§ **Goal of the exercise**
Quote the records below in full, exactly as given, with the images taken out.
┌──
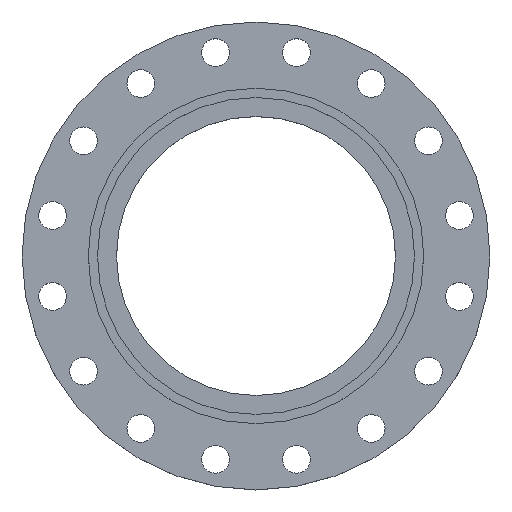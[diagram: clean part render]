
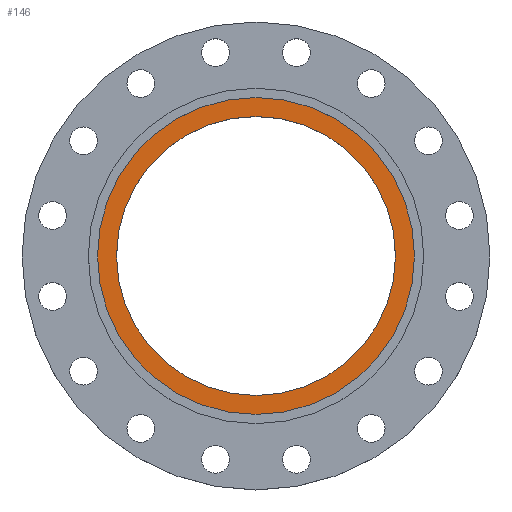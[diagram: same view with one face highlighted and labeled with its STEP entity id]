
A CAD part, top view. The second image highlights one B-rep face of the part: STEP entity #146.
In plain terms, the highlighted planar face has unit normal (0, 0, 1).
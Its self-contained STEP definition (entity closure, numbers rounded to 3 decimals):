
#7 = VERTEX_POINT ( 'NONE', #1019 ) ;
#60 = CIRCLE ( 'NONE', #192, 223.5 ) ;
#65 = ORIENTED_EDGE ( 'NONE', *, *, #1647, .F. ) ;
#76 = ORIENTED_EDGE ( 'NONE', *, *, #1665, .F. ) ;
#77 = ORIENTED_EDGE ( 'NONE', *, *, #754, .F. ) ;
#84 = ORIENTED_EDGE ( 'NONE', *, *, #1648, .F. ) ;
#146 = ADVANCED_FACE ( 'NONE', ( #852, #851 ), #850, .T. ) ;
#192 = AXIS2_PLACEMENT_3D ( 'NONE', #235, #234, #233 ) ;
#208 = DIRECTION ( 'NONE',  ( -1., 0., 0. ) ) ;
#210 = DIRECTION ( 'NONE',  ( 0., 0., -1. ) ) ;
#211 = CARTESIAN_POINT ( 'NONE',  ( 0., 0., -5.5 ) ) ;
#229 = DIRECTION ( 'NONE',  ( 1., 0., 0. ) ) ;
#230 = DIRECTION ( 'NONE',  ( 0., 0., 1. ) ) ;
#231 = CARTESIAN_POINT ( 'NONE',  ( 0., 0., -5.5 ) ) ;
#233 = DIRECTION ( 'NONE',  ( -1., 0., 0. ) ) ;
#234 = DIRECTION ( 'NONE',  ( 0., 0., -1. ) ) ;
#235 = CARTESIAN_POINT ( 'NONE',  ( 0., 0., -5.5 ) ) ;
#250 = EDGE_LOOP ( 'NONE', ( #84, #77 ) ) ;
#542 = VERTEX_POINT ( 'NONE', #1447 ) ;
#698 = CARTESIAN_POINT ( 'NONE',  ( 223.5, 0., -5.5 ) ) ;
#754 = EDGE_CURVE ( 'NONE', #542, #7, #833, .T. ) ;
#833 = CIRCLE ( 'NONE', #849, 196.752 ) ;
#843 = DIRECTION ( 'NONE',  ( 1., 0., 0. ) ) ;
#844 = VERTEX_POINT ( 'NONE', #1311 ) ;
#845 = DIRECTION ( 'NONE',  ( 0., 0., 1. ) ) ;
#847 = CARTESIAN_POINT ( 'NONE',  ( 223.5, 0., -5.5 ) ) ;
#849 = AXIS2_PLACEMENT_3D ( 'NONE', #1355, #1354, #1353 ) ;
#850 = PLANE ( 'NONE',  #1631 ) ;
#851 = FACE_OUTER_BOUND ( 'NONE', #1573, .T. ) ;
#852 = FACE_BOUND ( 'NONE', #250, .T. ) ;
#986 = CIRCLE ( 'NONE', #1509, 196.752 ) ;
#1019 = CARTESIAN_POINT ( 'NONE',  ( 196.752, 0., -5.5 ) ) ;
#1025 = AXIS2_PLACEMENT_3D ( 'NONE', #211, #210, #208 ) ;
#1031 = CIRCLE ( 'NONE', #1025, 223.5 ) ;
#1084 = VERTEX_POINT ( 'NONE', #698 ) ;
#1311 = CARTESIAN_POINT ( 'NONE',  ( -223.5, 0., -5.5 ) ) ;
#1353 = DIRECTION ( 'NONE',  ( 1., 0., 0. ) ) ;
#1354 = DIRECTION ( 'NONE',  ( 0., 0., 1. ) ) ;
#1355 = CARTESIAN_POINT ( 'NONE',  ( 0., 0., -5.5 ) ) ;
#1447 = CARTESIAN_POINT ( 'NONE',  ( -196.752, 0., -5.5 ) ) ;
#1509 = AXIS2_PLACEMENT_3D ( 'NONE', #231, #230, #229 ) ;
#1573 = EDGE_LOOP ( 'NONE', ( #65, #76 ) ) ;
#1631 = AXIS2_PLACEMENT_3D ( 'NONE', #847, #845, #843 ) ;
#1647 = EDGE_CURVE ( 'NONE', #844, #1084, #60, .T. ) ;
#1648 = EDGE_CURVE ( 'NONE', #7, #542, #986, .T. ) ;
#1665 = EDGE_CURVE ( 'NONE', #1084, #844, #1031, .T. ) ;
└──
§ **Exercise result**
[diagram: clean part render]
[diagram: same view with one face highlighted and labeled with its STEP entity id]
A CAD part, top view. The second image highlights one B-rep face of the part: STEP entity #146.
In plain terms, the highlighted planar face has unit normal (0, 0, 1).
Its self-contained STEP definition (entity closure, numbers rounded to 3 decimals):
#7 = VERTEX_POINT ( 'NONE', #1019 ) ;
#60 = CIRCLE ( 'NONE', #192, 223.5 ) ;
#65 = ORIENTED_EDGE ( 'NONE', *, *, #1647, .F. ) ;
#76 = ORIENTED_EDGE ( 'NONE', *, *, #1665, .F. ) ;
#77 = ORIENTED_EDGE ( 'NONE', *, *, #754, .F. ) ;
#84 = ORIENTED_EDGE ( 'NONE', *, *, #1648, .F. ) ;
#146 = ADVANCED_FACE ( 'NONE', ( #852, #851 ), #850, .T. ) ;
#192 = AXIS2_PLACEMENT_3D ( 'NONE', #235, #234, #233 ) ;
#208 = DIRECTION ( 'NONE',  ( -1., 0., 0. ) ) ;
#210 = DIRECTION ( 'NONE',  ( 0., 0., -1. ) ) ;
#211 = CARTESIAN_POINT ( 'NONE',  ( 0., 0., -5.5 ) ) ;
#229 = DIRECTION ( 'NONE',  ( 1., 0., 0. ) ) ;
#230 = DIRECTION ( 'NONE',  ( 0., 0., 1. ) ) ;
#231 = CARTESIAN_POINT ( 'NONE',  ( 0., 0., -5.5 ) ) ;
#233 = DIRECTION ( 'NONE',  ( -1., 0., 0. ) ) ;
#234 = DIRECTION ( 'NONE',  ( 0., 0., -1. ) ) ;
#235 = CARTESIAN_POINT ( 'NONE',  ( 0., 0., -5.5 ) ) ;
#250 = EDGE_LOOP ( 'NONE', ( #84, #77 ) ) ;
#542 = VERTEX_POINT ( 'NONE', #1447 ) ;
#698 = CARTESIAN_POINT ( 'NONE',  ( 223.5, 0., -5.5 ) ) ;
#754 = EDGE_CURVE ( 'NONE', #542, #7, #833, .T. ) ;
#833 = CIRCLE ( 'NONE', #849, 196.752 ) ;
#843 = DIRECTION ( 'NONE',  ( 1., 0., 0. ) ) ;
#844 = VERTEX_POINT ( 'NONE', #1311 ) ;
#845 = DIRECTION ( 'NONE',  ( 0., 0., 1. ) ) ;
#847 = CARTESIAN_POINT ( 'NONE',  ( 223.5, 0., -5.5 ) ) ;
#849 = AXIS2_PLACEMENT_3D ( 'NONE', #1355, #1354, #1353 ) ;
#850 = PLANE ( 'NONE',  #1631 ) ;
#851 = FACE_OUTER_BOUND ( 'NONE', #1573, .T. ) ;
#852 = FACE_BOUND ( 'NONE', #250, .T. ) ;
#986 = CIRCLE ( 'NONE', #1509, 196.752 ) ;
#1019 = CARTESIAN_POINT ( 'NONE',  ( 196.752, 0., -5.5 ) ) ;
#1025 = AXIS2_PLACEMENT_3D ( 'NONE', #211, #210, #208 ) ;
#1031 = CIRCLE ( 'NONE', #1025, 223.5 ) ;
#1084 = VERTEX_POINT ( 'NONE', #698 ) ;
#1311 = CARTESIAN_POINT ( 'NONE',  ( -223.5, 0., -5.5 ) ) ;
#1353 = DIRECTION ( 'NONE',  ( 1., 0., 0. ) ) ;
#1354 = DIRECTION ( 'NONE',  ( 0., 0., 1. ) ) ;
#1355 = CARTESIAN_POINT ( 'NONE',  ( 0., 0., -5.5 ) ) ;
#1447 = CARTESIAN_POINT ( 'NONE',  ( -196.752, 0., -5.5 ) ) ;
#1509 = AXIS2_PLACEMENT_3D ( 'NONE', #231, #230, #229 ) ;
#1573 = EDGE_LOOP ( 'NONE', ( #65, #76 ) ) ;
#1631 = AXIS2_PLACEMENT_3D ( 'NONE', #847, #845, #843 ) ;
#1647 = EDGE_CURVE ( 'NONE', #844, #1084, #60, .T. ) ;
#1648 = EDGE_CURVE ( 'NONE', #7, #542, #986, .T. ) ;
#1665 = EDGE_CURVE ( 'NONE', #1084, #844, #1031, .T. ) ;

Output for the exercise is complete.